Path to generated report

Return type:

Path

scitex_ml.classification.reporters.reporter_utils.create_summary_statistics(results)[source]

Create comprehensive summary statistics from results.

Parameters:

results (Dict[str, Any]) – Classification results

Returns:

Summary statistics

Return type:

Dict[str, Any]

scitex_ml.classification.reporters.reporter_utils.export_for_paper(results, output_dir, verbose=True)[source]

Export results in formats suitable for academic papers.

Parameters:
  • results (Dict[str, Any]) – Classification results

  • output_dir (Union[str, Path]) – Output directory for exports

  • verbose (bool, default True) – Whether to print progress messages

Returns:

Paths to exported files

Return type:

Dict[str, Path]

scitex_ml.classification.reporters.reporter_utils.aggregate_fold_metrics(fold_results, metrics_to_aggregate=None)[source]

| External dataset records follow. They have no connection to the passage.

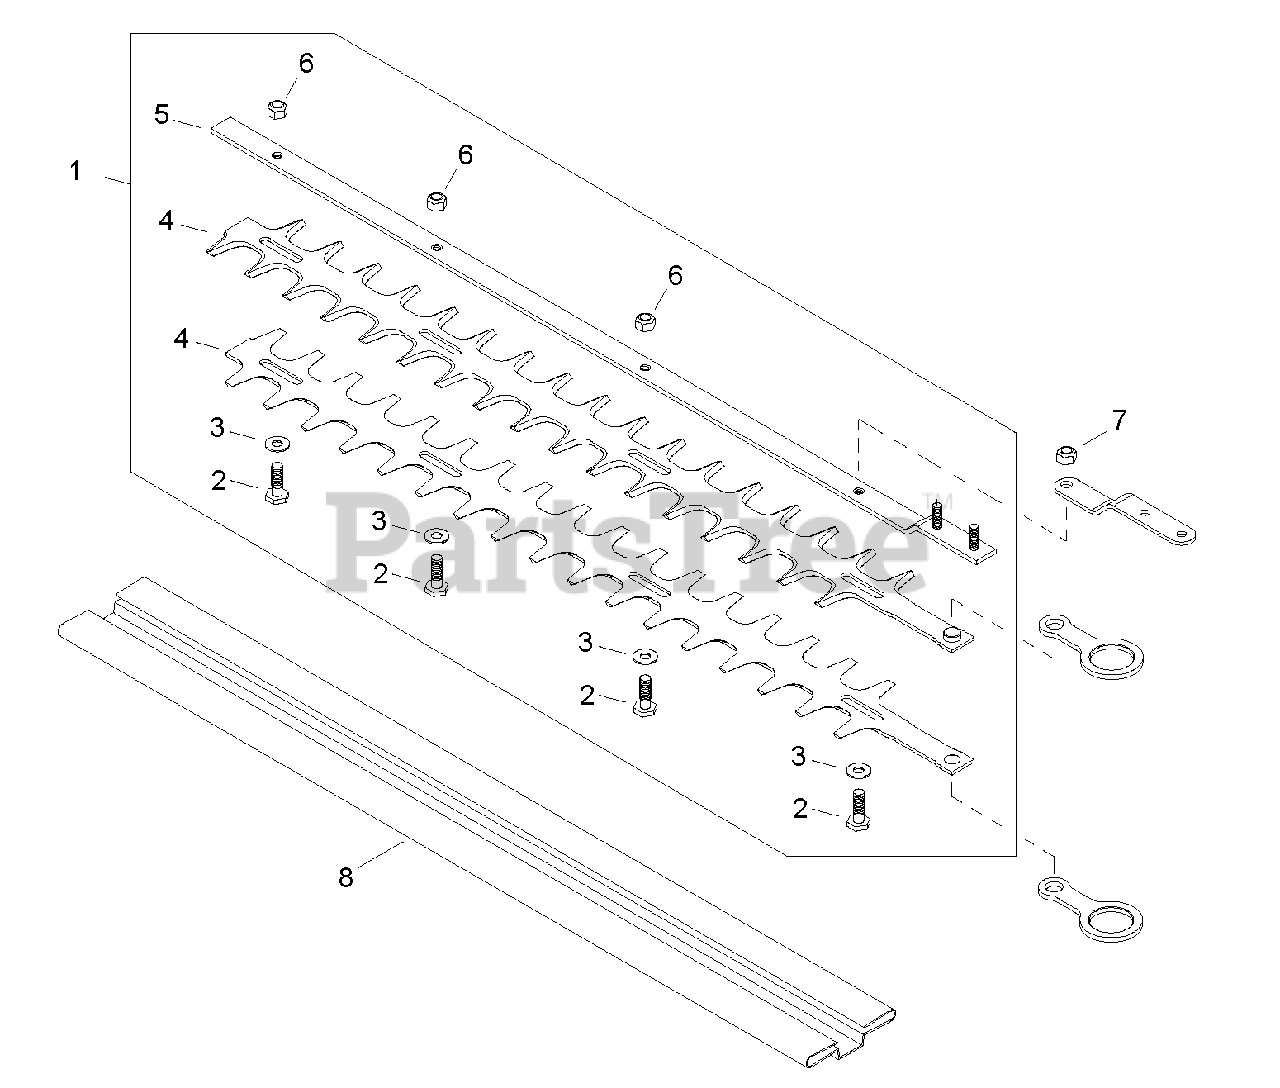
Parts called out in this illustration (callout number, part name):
1	BLADE KIT - 22" (55cm) CHROME
2	BOLT - 6X20
3	WASHER - 6
4	BLADE KIT - 22" (55cm) CHROME
5	GUIDE BAR - 22" (55cm)
6	LOCKNUT - 6
7	LOCKNUT - 6
8	COVER, BLADE

Aggregate metrics across folds into arrays.

Parameters:
  • fold_results (List[Dict[str, Any]]) – List of metric dictionaries for each fold

  • metrics_to_aggregate (List[str], optional) – Specific metrics to aggregate. If None, aggregate all numeric metrics.

Returns:

Arrays of metric values across folds

Return type:

Dict[str, np.ndarray]

Examples

>>> fold_results = [
...     {'balanced_accuracy': 0.85, 'mcc': 0.70},
...     {'balanced_accuracy': 0.87, 'mcc': 0.73},
...     {'balanced_accuracy': 0.83, 'mcc': 0.68}
... ]
>>> aggregated = aggregate_fold_metrics(fold_results)
>>> print(f"BA values: {aggregated['balanced_accuracy']}")
scitex_ml.classification.reporters.reporter_utils.calculate_mean_std(values, ddof=1)[source]

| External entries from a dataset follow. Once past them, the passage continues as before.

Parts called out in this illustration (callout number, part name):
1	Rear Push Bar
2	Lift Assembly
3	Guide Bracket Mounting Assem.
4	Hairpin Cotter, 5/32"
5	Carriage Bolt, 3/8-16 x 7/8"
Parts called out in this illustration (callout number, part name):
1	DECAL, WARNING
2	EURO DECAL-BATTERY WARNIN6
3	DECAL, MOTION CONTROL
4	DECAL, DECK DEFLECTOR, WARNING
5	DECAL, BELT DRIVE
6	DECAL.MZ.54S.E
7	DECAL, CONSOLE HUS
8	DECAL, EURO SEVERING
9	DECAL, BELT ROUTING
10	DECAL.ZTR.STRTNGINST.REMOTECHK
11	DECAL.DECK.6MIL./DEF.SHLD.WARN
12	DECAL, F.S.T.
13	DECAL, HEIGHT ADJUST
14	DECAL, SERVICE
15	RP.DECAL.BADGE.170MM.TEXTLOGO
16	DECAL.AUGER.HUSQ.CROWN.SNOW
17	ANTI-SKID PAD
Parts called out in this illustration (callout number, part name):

Calculate mean and standard deviation.

Parameters:
  • values (Union[List[float], np.ndarray]) – Values to calculate statistics for

  • ddof (int) – Degrees of freedom for std calculation

Returns:

(mean, std)

Return type:

Tuple[float, float]

Examples

>>> mean, std = calculate_mean_std([0.85, 0.87, 0.83])
>>> print(f"Mean: {mean:.3f}, Std: {std:.3f}")
scitex_ml.classification.reporters.reporter_utils.create_summary_table(fold_results, metrics=None, include_stats=True, format_digits=3)[source]

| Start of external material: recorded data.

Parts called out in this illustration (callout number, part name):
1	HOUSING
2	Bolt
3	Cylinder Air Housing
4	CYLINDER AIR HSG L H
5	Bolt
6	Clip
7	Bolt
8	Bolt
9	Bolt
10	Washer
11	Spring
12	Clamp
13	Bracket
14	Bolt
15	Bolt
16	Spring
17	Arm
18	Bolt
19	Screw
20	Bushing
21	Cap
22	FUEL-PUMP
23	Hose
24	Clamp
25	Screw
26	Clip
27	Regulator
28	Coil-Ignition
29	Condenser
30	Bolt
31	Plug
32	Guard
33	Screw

Create a summary table with fold results and statistics.

Parameters:
  • fold_results (List[Dict[str, Any]]) – List of metric dictionaries for each fold

  • metrics (List[str], optional) – Metrics to include in table. If None, include all.

  • include_stats (bool) – Whether to include mean/std rows

  • format_digits (int) – Number of decimal places

Returns:

Summary table with folds as rows and metrics as columns

Return type:

pd.DataFrame

Examples

>>> fold_results = [
...     {'fold': 0, 'balanced_accuracy': 0.85, 'mcc': 0.70},
...     {'fold': 1, 'balanced_accuracy': 0.87, 'mcc': 0.73},
...     {'fold': 2, 'balanced_accuracy': 0.83, 'mcc': 0.68}
... ]
>>> df = create_summary_table(fold_results, include_stats=True)
>>> print(df.to_string())
scitex_ml.classification.reporters.reporter_utils.aggregate_confusion_matrices(confusion_matrices)[source]

Aggregate confusion matrices across folds.

Parameters:

confusion_matrices (List[np.ndarray]) – List of confusion matrices from each fold

Returns:

Summed confusion matrix

Return type:

np.ndarray

Examples

>>> cms = [np.array([[8, 2], [1, 9]]) for _ in range(3)]
>>> total_cm = aggregate_confusion_matrices(cms)
>>> print(total_cm)

Modules

aggregation

Metric aggregation utilities for cross-fold analysis.

data_models

Data models for classification reporting using dataclasses.

reporting

storage

validation

Validation utilities for classification metrics.